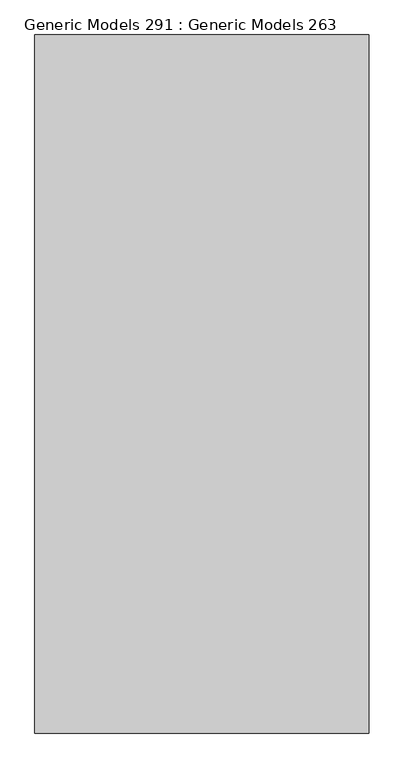
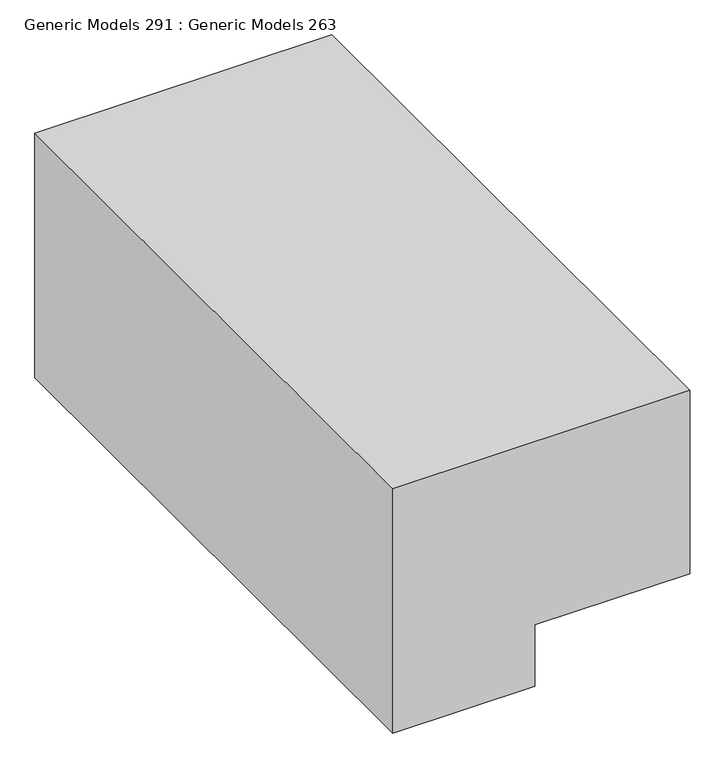
"""IFC4 building model written with IfcOpenShell, lengths in millimetres: proxy geometry, Generic Models 291 : Generic Models 263."""

from ifc_helpers import new_model, si_unit, frame, origin, place, context, project, spatial, polyline, outline, extrude, source, transform, mapped, element, save


def generic_models_291_generic_models_263_452afd1b(model_context):
    return source(origin(), model_context, "Body", "SweptSolid", [
        extrude(outline(polyline([(-381.0, 62319.1797726), (0.0, 62319.1797726), (0.0, 61734.9797726), (-508.0, 61734.9797726), (-508.0, 62014.3797726), (-381.0, 62014.3797726), (-381.0, 62319.1797726)])), frame((0.0, -94.4486541, 0.0), z_axis=(0.0, 1.0, 0.0), x_axis=(0.0, 0.0, 1.0)), (0.0, 0.0, 1.0), 1219.2),
    ])


if __name__ == "__main__":
    model = new_model("IFC4")
    model_context = context("Model", 3, world=origin())
    ifc_project = project(units=[si_unit("LENGTHUNIT", "METRE", prefix="MILLI")], contexts=[model_context])
    site = spatial("IfcSite", under=ifc_project)
    building = spatial("IfcBuilding", under=site)
    placement = place(None, origin())
    generic_models_291_generic_models_263_shape = generic_models_291_generic_models_263_452afd1b(model_context)
    element("IfcBuildingElementProxy", 1, Name="Generic Models 291 : Generic Models 263", ObjectType="Generic Models 291 : Generic Models 263", at=placement, inside=building, context=model_context, shape_type="MappedRepresentation", body=[
        mapped(generic_models_291_generic_models_263_shape, transform((0.0, 0.0, 0.0), x_axis=(1.0, 0.0, 0.0), y_axis=(0.0, 1.0, 0.0), z_axis=(0.0, 0.0, 1.0))),
    ])
    save(model, "model.ifc")

# Revit data of these elements
# Element 1 (IfcBuildingElementProxy, "Generic Models 291 : Generic Models 263")
#   Materials on its faces: "GRADED BACKFILL"
# Materials
#   "GRADED BACKFILL": class "Miscellaneous", colour RGB 128 97 77, transparency 0, Cost = 0
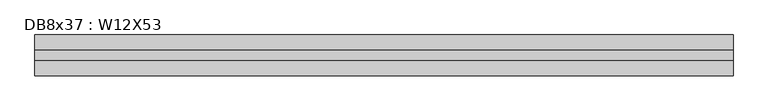
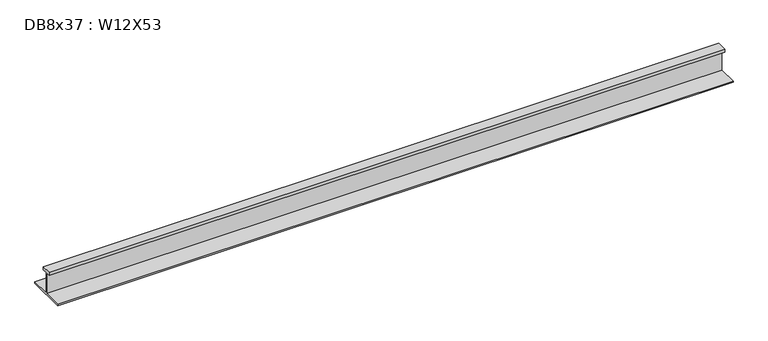
"""IFC4 building model written with IfcOpenShell, lengths in millimetres: beam geometry, DB8x37 : W12X53."""

from ifc_helpers import new_model, si_unit, frame, origin, place, context, project, spatial, polyline, outline, extrude, source, transform, mapped, element, save


def db8x37_w12x53_3b756228(model_context):
    return source(origin(), model_context, "Body", "SweptSolid", [
        extrude(outline(polyline([(38.1, 145.415), (38.1, 120.015), (2.921, 120.015), (2.921, -48.4505), (152.4, -48.4505), (152.4, -58.1025), (-152.4, -58.1025), (-152.4, -48.4505), (-2.921, -48.4505), (-2.921, 120.015), (-38.1, 120.015), (-38.1, 145.415), (38.1, 145.415)])), frame((-2606.929, 0.0, 0.0), z_axis=(1.0, 0.0, 0.0), x_axis=(0.0, 1.0, 0.0)), (0.0, 0.0, 1.0), 5213.858),
    ])


if __name__ == "__main__":
    model = new_model("IFC4")
    model_context = context("Model", 3, world=origin())
    ifc_project = project(units=[si_unit("LENGTHUNIT", "METRE", prefix="MILLI")], contexts=[model_context])
    site = spatial("IfcSite", under=ifc_project)
    building = spatial("IfcBuilding", under=site)
    placement = place(None, origin())
    db8x37_w12x53_shape = db8x37_w12x53_3b756228(model_context)
    element("IfcBeam", 1, ObjectType="DB8x37 : W12X53", at=placement, inside=building, context=model_context, shape_type="MappedRepresentation", body=[
        mapped(db8x37_w12x53_shape, transform((0.0, 0.0, 0.0), x_axis=(1.0, 0.0, 0.0), y_axis=(0.0, 1.0, 0.0), z_axis=(0.0, 0.0, 1.0))),
    ])
    save(model, "model.ifc")

# Revit data of these elements
# Type "DB8x37 : W12X53"
#   Assembly Code = "B10"
#   W = 53
#   Length [instance default] = 5' - 0"
#   bf = 0' - 10"
#   d = 1' - 0.1"
#   k = 0' - 1 3/8"
#   k2 = 0' - 0.8"
#   tf = 0' - 0.575"
#   tw = 0' - 0.345"
#   A = 0.108333 SF
#   Structural Material [instance default] = Steel ASTM A992
# Element 1 (IfcBeam, "DB8x37 : W12X53")
#   Materials on its faces: "Steel ASTM A992"
# Materials
#   "Steel ASTM A992": class "Metal", colour RGB 199 199 199, transparency 0, Description = "Structural steel 50ksi", Cost = 0

EXERCISE GOAL -> For each line in the material above that holds the word "frame", add one to a count; state only the final number.

EXERCISE OUTPUT -> 4